A further implication is that second language acquisition is the general case – the default – and single language acquisition is a special case due to restricted circumstances. The normal potential of language acquisition is not monolingualism but bilingualism. Insights from bilingual children’s development can be used as a control on L1 children’s development rather than the other way round. A typical child’s vocabulary will be spread across two languages, a monolingual child’s confined to one. The monolingual child may have a larger vocab-ulary in one language compared to the monolingual but this due to the concentration on one language rather than two. In other words, turning the tables by treating bilingualism as the norm leads to a re-examination of L1 acquisition as well as L2 acquisition.

Conclusions

SLA research needs to deal with the multi-competence perspective. One way is to show that the uniqueness of L2 users and the arguments for them as the norm for human beings are irrelevant to its domain, i.e. that the monolingual perspective is correct. Another way is to rethink SLA research questions and techniques from a multi-competence perspective. Even if models of acquisition do not take multi-competence as their starting point, it is at least incumbent on them to justify their preference for the monolingual perspective. The overwhelming majority of current SLA research is based on the monolingual perspective, albeit often covertly in the methodology rather than overtly in the aims. If the premise is dubious, this work is unsound. This underlying monolingual premise needs either to be properly justified or to be abandoned.
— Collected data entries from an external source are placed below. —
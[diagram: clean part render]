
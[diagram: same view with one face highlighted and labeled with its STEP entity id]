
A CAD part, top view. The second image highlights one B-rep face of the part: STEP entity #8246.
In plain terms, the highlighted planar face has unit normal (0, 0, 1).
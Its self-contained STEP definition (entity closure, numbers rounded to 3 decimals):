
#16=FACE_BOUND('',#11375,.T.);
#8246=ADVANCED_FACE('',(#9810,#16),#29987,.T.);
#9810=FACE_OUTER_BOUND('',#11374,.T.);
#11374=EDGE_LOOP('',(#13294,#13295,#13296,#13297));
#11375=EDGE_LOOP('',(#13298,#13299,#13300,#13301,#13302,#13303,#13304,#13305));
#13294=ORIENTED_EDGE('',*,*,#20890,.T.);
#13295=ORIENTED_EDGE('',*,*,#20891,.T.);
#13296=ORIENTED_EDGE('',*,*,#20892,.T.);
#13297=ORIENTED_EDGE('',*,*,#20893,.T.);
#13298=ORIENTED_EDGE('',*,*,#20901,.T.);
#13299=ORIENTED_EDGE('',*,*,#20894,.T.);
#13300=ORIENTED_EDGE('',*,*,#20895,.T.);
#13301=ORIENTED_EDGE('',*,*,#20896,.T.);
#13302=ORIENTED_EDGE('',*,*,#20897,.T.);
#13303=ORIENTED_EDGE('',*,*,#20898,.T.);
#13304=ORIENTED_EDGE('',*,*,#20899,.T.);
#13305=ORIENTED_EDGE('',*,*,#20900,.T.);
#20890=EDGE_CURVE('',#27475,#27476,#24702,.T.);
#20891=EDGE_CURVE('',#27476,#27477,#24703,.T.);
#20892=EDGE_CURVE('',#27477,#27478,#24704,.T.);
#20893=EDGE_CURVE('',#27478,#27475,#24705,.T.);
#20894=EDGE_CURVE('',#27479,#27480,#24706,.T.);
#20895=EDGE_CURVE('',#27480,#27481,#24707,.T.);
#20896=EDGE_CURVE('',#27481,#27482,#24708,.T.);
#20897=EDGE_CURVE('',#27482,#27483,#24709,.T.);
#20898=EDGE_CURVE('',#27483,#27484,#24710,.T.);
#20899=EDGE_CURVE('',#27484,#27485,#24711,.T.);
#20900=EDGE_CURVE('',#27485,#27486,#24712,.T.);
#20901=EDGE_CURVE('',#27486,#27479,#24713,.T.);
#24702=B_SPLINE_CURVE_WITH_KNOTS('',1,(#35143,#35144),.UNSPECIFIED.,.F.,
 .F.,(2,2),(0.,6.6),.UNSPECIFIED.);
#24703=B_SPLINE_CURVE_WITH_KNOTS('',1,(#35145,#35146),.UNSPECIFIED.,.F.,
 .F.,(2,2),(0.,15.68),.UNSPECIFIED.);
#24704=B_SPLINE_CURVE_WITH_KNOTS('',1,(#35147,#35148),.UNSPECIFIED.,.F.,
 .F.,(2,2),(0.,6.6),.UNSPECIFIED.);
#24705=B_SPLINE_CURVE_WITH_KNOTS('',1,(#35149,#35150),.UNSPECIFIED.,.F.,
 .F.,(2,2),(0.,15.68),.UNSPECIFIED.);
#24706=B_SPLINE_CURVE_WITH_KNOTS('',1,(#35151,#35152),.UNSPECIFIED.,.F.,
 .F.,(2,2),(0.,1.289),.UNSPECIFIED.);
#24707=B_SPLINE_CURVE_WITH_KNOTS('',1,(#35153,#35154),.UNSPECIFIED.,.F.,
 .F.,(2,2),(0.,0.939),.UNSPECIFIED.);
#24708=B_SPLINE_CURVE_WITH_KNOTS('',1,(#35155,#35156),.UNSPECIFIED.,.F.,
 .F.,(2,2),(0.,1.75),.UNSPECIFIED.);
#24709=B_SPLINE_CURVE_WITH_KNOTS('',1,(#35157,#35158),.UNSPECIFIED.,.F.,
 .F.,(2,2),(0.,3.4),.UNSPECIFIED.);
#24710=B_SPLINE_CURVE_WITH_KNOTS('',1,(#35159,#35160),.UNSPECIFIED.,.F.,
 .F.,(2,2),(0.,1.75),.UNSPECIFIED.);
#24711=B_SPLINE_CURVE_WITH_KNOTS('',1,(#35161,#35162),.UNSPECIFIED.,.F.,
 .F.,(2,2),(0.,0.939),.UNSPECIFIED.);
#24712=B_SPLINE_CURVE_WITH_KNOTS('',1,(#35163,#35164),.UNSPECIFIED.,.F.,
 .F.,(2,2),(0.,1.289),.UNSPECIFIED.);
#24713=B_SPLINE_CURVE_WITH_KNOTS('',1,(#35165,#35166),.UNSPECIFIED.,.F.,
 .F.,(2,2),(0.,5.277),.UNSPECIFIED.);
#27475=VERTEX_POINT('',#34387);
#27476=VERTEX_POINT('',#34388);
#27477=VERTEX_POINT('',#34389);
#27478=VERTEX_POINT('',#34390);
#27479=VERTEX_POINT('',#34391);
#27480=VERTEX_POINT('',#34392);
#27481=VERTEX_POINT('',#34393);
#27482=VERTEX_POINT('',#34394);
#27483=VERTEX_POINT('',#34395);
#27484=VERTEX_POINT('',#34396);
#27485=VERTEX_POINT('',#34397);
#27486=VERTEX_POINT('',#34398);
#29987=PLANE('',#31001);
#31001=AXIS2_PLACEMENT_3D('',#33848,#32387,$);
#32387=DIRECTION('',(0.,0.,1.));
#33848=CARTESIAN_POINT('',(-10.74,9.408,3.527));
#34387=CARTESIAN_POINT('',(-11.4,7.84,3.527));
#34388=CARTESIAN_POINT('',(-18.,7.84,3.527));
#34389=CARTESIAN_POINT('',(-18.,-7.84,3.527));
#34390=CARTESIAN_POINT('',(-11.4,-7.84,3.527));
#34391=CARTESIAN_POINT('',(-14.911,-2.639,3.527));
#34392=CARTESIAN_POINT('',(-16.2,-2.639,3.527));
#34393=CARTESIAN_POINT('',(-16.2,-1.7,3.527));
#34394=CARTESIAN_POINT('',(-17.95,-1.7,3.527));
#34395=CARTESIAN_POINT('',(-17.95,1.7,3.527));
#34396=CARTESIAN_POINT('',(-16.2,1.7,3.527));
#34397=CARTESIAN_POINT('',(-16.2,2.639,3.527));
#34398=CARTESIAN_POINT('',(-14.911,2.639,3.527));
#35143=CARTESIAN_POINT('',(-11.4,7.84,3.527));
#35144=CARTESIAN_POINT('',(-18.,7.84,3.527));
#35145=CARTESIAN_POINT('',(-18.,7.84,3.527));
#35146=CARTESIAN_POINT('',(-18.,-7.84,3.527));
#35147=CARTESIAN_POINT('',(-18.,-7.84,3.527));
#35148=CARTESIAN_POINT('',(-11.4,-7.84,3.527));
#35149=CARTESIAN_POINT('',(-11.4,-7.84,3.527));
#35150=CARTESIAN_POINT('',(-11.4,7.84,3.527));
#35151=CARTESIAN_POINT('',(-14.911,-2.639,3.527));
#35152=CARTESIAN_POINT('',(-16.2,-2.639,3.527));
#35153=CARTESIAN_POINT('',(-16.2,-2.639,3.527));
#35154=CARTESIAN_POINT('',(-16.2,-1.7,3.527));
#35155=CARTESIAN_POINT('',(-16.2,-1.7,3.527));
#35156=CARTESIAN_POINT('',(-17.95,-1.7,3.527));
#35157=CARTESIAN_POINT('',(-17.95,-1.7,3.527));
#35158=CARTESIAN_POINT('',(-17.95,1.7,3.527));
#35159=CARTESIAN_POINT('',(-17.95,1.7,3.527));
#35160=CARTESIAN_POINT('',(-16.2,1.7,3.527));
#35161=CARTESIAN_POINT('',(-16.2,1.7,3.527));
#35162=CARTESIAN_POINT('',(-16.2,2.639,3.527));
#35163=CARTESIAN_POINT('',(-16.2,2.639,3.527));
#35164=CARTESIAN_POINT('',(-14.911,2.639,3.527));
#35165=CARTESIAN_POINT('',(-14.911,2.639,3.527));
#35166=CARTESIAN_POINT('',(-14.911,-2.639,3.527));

It has become apparent then that multi-competence is not so much a model as a challenge to the implicit monolingual perspective that pervades most linguistics and psycholinguistics. It is an argument rather than a testable model, a paradigm for doing research rather than a theory. Kuhn (1962) claimed that science does not advance by steady accumulation of evidence for or against a theory (normal science) but by a shift in the whole paradigm (revolutionary science). This paper presents a case for a potential Kuhnian paradigm shift in research into the human acquisition of languages, whether first, second or multiple, in the light of the concept of multi-competence.